(WHAT YOU WILL DO):
Your task is to retype, word for word, the lines from the start of the data through the line holding "msp = doc.modelspace()". Do not include the pictures.

(Data extracted from a collection):
::::::

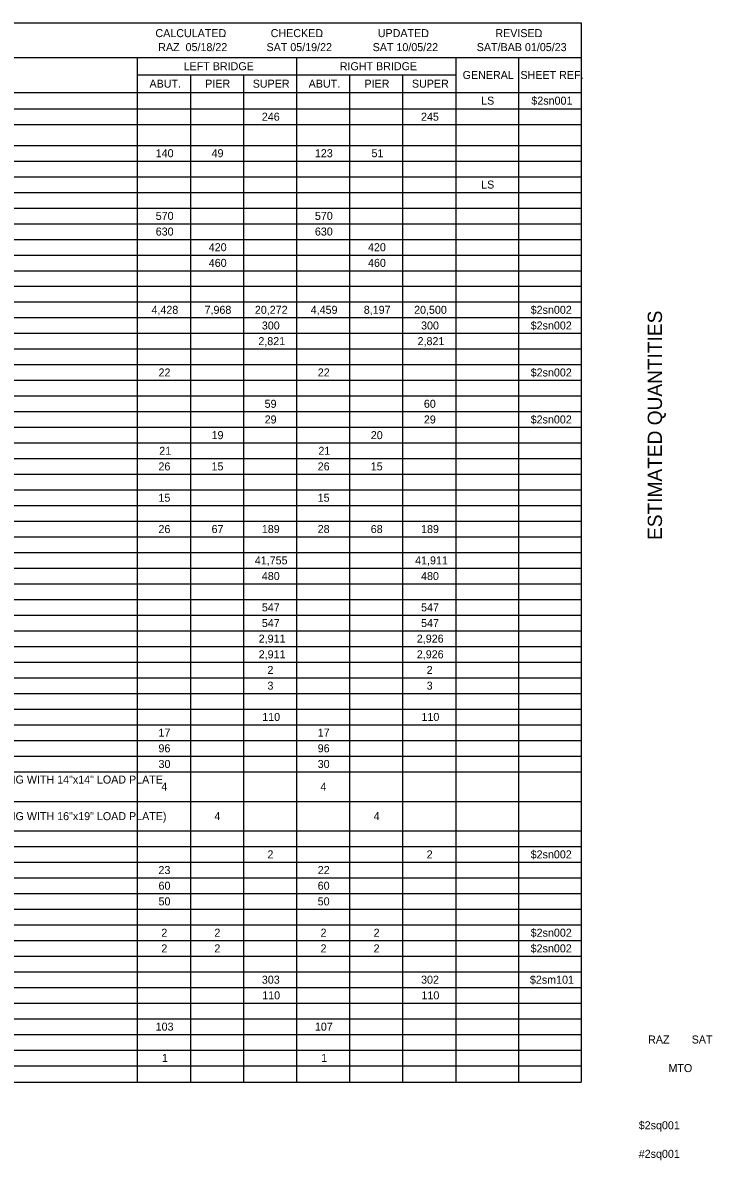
# Model space of a CAD drawing. Extents: x -62.6 to 33.3, y -2.9 to 24.9.
# Drawn here: x 21.24 to 33.3, y 0.56 to 20.46 of the extents above; entities that cross this region are included whole.
import ezdxf

# ---------------------------------------------------------------- set-up
doc = ezdxf.new("R2010")
doc.units = 0
for name, color, linetype in [('Default', 7, 'Continuous'), ('SH_Data', 7, 'Continuous'), ('SH_Major_Grid_Line', 7, 'Continuous')]:
    doc.layers.add(name, color=color, linetype=linetype)

msp = doc.modelspace()

# ---------------------------------------------------------------- linework, layer by layer
at = {"layer": 'Default'}
for p, q in [((2.248, 20.46), (31.009, 20.46)), ((31.009, 20.46), (31.009, 1.926)), ((2.248, 19.852), (31.009, 19.852)), ((23.248, 19.852), (23.248, 1.926)), ((26.033, 19.852), (26.033, 1.926)), ((28.818, 19.852), (28.818, 1.926)), ((29.913, 19.852), (29.913, 1.926)), ((23.248, 19.547), (28.818, 19.547)), ((24.176, 19.547), (24.176, 1.926)), ((25.105, 19.547), (25.105, 1.926)), ((26.961, 19.547), (26.961, 1.926)), ((27.889, 19.547), (27.889, 1.926)), ((2.248, 19.243), (31.009, 19.243)), ((2.248, 18.954), (31.009, 18.954)), ((2.248, 18.68), (31.009, 18.68)), ((2.248, 18.315), (31.009, 18.315)), ((2.248, 18.041), (31.009, 18.041)), ((2.248, 17.767), (31.009, 17.767)), ((2.248, 17.493), (31.009, 17.493)), ((2.248, 17.219), (31.009, 17.219)), ((2.248, 16.945), (31.009, 16.945)), ((2.248, 16.671), (31.009, 16.671)), ((2.248, 16.397), (31.009, 16.397)), ((2.248, 16.123), (31.009, 16.123)), ((2.248, 15.85), (31.009, 15.85)), ((2.248, 15.576), (31.009, 15.576)), ((2.248, 15.302), (31.009, 15.302)), ((2.248, 15.028), (31.009, 15.028)), ((2.248, 14.754), (31.009, 14.754)), ((2.248, 14.48), (31.009, 14.48)), ((2.248, 14.206), (31.009, 14.206)), ((2.248, 13.932), (31.009, 13.932)), ((2.248, 13.658), (31.009, 13.658)), ((2.248, 13.384), (31.009, 13.384)), ((2.248, 13.11), (31.009, 13.11)), ((2.248, 12.837), (31.009, 12.837)), ((2.248, 12.563), (31.009, 12.563)), ((2.248, 12.289), (31.009, 12.289)), ((2.248, 12.015), (31.009, 12.015)), ((2.248, 11.741), (31.009, 11.741)), ((2.248, 11.467), (31.009, 11.467)), ((2.248, 11.193), (31.009, 11.193)), ((2.248, 10.919), (31.009, 10.919)), ((2.248, 10.645), (31.009, 10.645)), ((2.248, 10.371), (31.009, 10.371)), ((2.248, 10.097), (31.009, 10.097)), ((2.248, 9.823), (31.009, 9.823)), ((2.248, 9.55), (31.009, 9.55)), ((2.248, 9.276), (31.009, 9.276)), ((2.248, 9.002), (31.009, 9.002)), ((2.248, 8.728), (31.009, 8.728)), ((2.248, 8.454), (31.009, 8.454)), ((2.248, 8.18), (31.009, 8.18)), ((2.248, 7.906), (31.009, 7.906)), ((2.248, 7.632), (31.009, 7.632)), ((2.248, 7.358), (31.009, 7.358)), ((2.248, 6.841), (31.009, 6.841)), ((2.248, 6.323), (31.009, 6.323)), ((2.248, 6.05), (31.009, 6.05)), ((2.248, 5.776), (31.009, 5.776)), ((2.248, 5.502), (31.009, 5.502)), ((2.248, 5.228), (31.009, 5.228)), ((2.248, 4.954), (31.009, 4.954)), ((2.248, 4.68), (31.009, 4.68)), ((2.248, 4.406), (31.009, 4.406)), ((2.248, 4.132), (31.009, 4.132)), ((2.248, 3.858), (31.009, 3.858)), ((2.248, 3.584), (31.009, 3.584)), ((2.248, 3.31), (31.009, 3.31)), ((2.248, 3.037), (31.009, 3.037)), ((2.248, 2.763), (31.009, 2.763)), ((2.248, 2.489), (31.009, 2.489)), ((2.248, 2.215), (31.009, 2.215)), ((2.248, 1.926), (31.009, 1.926))]:
    msp.add_line(p, q, dxfattribs=at)

# ---------------------------------------------------------------- texts
at = {"layer": 'SH_Data'}
for s, p in [('RAZ', (32.182, 2.605)), ('SAT', (32.944, 2.605)), ('MTO', (32.538, 2.105)), ('$2sq001', (32.018, 1.105)), ('#2sq001', (32.018, 0.605))]:
    msp.add_text(s, height=0.14, dxfattribs=at).set_placement(p)
at = {"layer": 'SH_Major_Grid_Line'}
for s, p in [('CALCULATED', (23.565, 20.209)), (':', (24.755, 20.209)), ('CHECKED', (25.581, 20.209)), (': ', (26.451, 20.209)), ('UPDATED', (27.454, 20.209)), (': ', (28.292, 20.209)), ('REVISED', (29.51, 20.209)), (': ', (30.283, 20.209)), ('RAZ  05/18/22', (23.614, 19.964)), ('SAT 05/19/22', (25.508, 19.964)), ('SAT 10/05/22', (27.364, 19.964)), ('SAT/BAB 01/05/23', (29.185, 19.964)), ('LEFT BRIDGE', (24.058, 19.63)), ('RIGHT BRIDGE', (26.789, 19.63)), ('GENERAL', (28.938, 19.477)), ('SHEET REF.', (29.949, 19.477)), ('ABUT.', (23.461, 19.325)), ('PIER', (24.436, 19.325)), ('SUPER', (25.267, 19.325)), ('ABUT.', (26.245, 19.325)), ('PIER', (27.221, 19.325)), ('SUPER', (28.051, 19.325)), ('LS', (29.262, 19.028)), ('$2sn001', (30.14, 19.028)), ('246', (25.426, 18.747)), ('245', (28.21, 18.747)), ('140', (23.57, 18.108)), ('49', (24.547, 18.108)), ('123', (26.354, 18.108)), ('51', (27.344, 18.108)), ('LS', (29.262, 17.56)), ('570', (23.57, 17.012)), ('570', (26.354, 17.012)), ('630', (23.57, 16.738)), ('630', (26.354, 16.738)), ('420', (24.498, 16.464)), ('420', (27.283, 16.464)), ('460', (24.498, 16.19)), ('460', (27.283, 16.19)), ('4,428', (23.496, 15.369)), ('7,968', (24.424, 15.369)), ('20,272', (25.304, 15.369)), ('4,459', (26.281, 15.369)), ('8,197', (27.209, 15.369)), ('20,500', (28.089, 15.369)), ('$2sn002', (30.128, 15.369)), ('300', (25.426, 15.095)), ('300', (28.211, 15.095)), ('$2sn002', (30.128, 15.095)), ('2,821', (25.365, 14.821)), ('2,821', (28.15, 14.821)), ('22', (23.619, 14.273)), ('22', (26.404, 14.273)), ('$2sn002', (30.128, 14.273)), ('59', (25.475, 13.725)), ('60', (28.26, 13.725)), ('29', (25.475, 13.451)), ('29', (28.26, 13.451)), ('$2sn002', (30.128, 13.451)), ('19', (24.547, 13.177)), ('20', (27.332, 13.177)), ('21', (23.631, 12.903)), ('21', (26.415, 12.903)), ('26', (23.618, 12.63)), ('15', (24.546, 12.63)), ('26', (26.403, 12.63)), ('15', (27.331, 12.63)), ('15', (23.618, 12.082)), ('15', (26.403, 12.082)), ('26', (23.618, 11.534)), ('67', (24.547, 11.534)), ('189', (25.426, 11.534)), ('28', (26.403, 11.534)), ('68', (27.331, 11.534)), ('189', (28.211, 11.534)), ('41,755', (25.303, 10.986)), ('41,911', (28.107, 10.986)), ('480', (25.426, 10.712)), ('480', (28.211, 10.712)), ('547', (25.426, 10.164)), ('547', (28.211, 10.164)), ('547', (25.426, 9.89)), ('547', (28.211, 9.89)), ('2,911', (25.371, 9.617)), ('2,926', (28.137, 9.617)), ('2,911', (25.371, 9.343)), ('2,926', (28.137, 9.343)), ('2', (25.524, 9.069)), ('2', (28.309, 9.069)), ('3', (25.524, 8.795)), ('3', (28.309, 8.795)), ('110', (25.433, 8.247)), ('110', (28.218, 8.247)), ('17', (23.618, 7.973)), ('17', (26.403, 7.973)), ('96', (23.618, 7.699)), ('96', (26.403, 7.699)), ('30', (23.619, 7.425)), ('30', (26.403, 7.425)), ('ELASTOMERIC BEARING WITH INTERNAL LAMINATES AND LOAD PLATE (NEOPRENE) (13"x13"x4.08" BEARING WITH 14"x14" LOAD PLATE ', (11.348, 7.152)), ('4', (23.668, 7.03)), ('4', (26.452, 7.03)), ('ELASTOMERIC BEARING WITH INTERNAL LAMINATES AND LOAD PLATE (NEOPRENE) (15"x18"x4.08" BEARING WITH 16"x19" LOAD PLATE)', (11.348, 6.512)), ('4', (24.596, 6.512)), ('4', (27.381, 6.512)), ('2', (25.524, 5.843)), ('2', (28.309, 5.843)), ('$2sn002', (30.128, 5.843)), ('23', (23.618, 5.569)), ('22', (26.404, 5.569)), ('60', (23.619, 5.295)), ('60', (26.403, 5.295)), ('50', (23.619, 5.021)), ('50', (26.403, 5.021)), ('2', (23.668, 4.473)), ('2', (24.596, 4.473)), ('2', (26.453, 4.473)), ('2', (27.381, 4.473)), ('$2sn002', (30.128, 4.473)), ('2', (23.668, 4.199)), ('2', (24.596, 4.199)), ('2', (26.453, 4.199)), ('2', (27.381, 4.199)), ('$2sn002', (30.128, 4.199)), ('303', (25.426, 3.651)), ('302', (28.211, 3.651)), ('$2sm101', (30.115, 3.651)), ('110', (25.433, 3.377)), ('110', (28.218, 3.377)), ('103', (23.569, 2.83)), ('107', (26.354, 2.83)), ('1', (23.679, 2.282)), ('1', (26.464, 2.282))]:
    msp.add_text(s, height=0.14, dxfattribs=at).set_placement(p)
msp.add_text('ESTIMATED QUANTITIES', height=0.25, rotation=90, dxfattribs=at).set_placement((32.425, 11.413))

doc.saveas('drawing.dxf')

::::::

(EXPECTED ANSWER):
# Model space of a CAD drawing. Extents: x -62.6 to 33.3, y -2.9 to 24.9.
# Drawn here: x 21.24 to 33.3, y 0.56 to 20.46 of the extents above; entities that cross this region are included whole.
import ezdxf

# ---------------------------------------------------------------- set-up
doc = ezdxf.new("R2010")
doc.units = 0
for name, color, linetype in [('Default', 7, 'Continuous'), ('SH_Data', 7, 'Continuous'), ('SH_Major_Grid_Line', 7, 'Continuous')]:
    doc.layers.add(name, color=color, linetype=linetype)

msp = doc.modelspace()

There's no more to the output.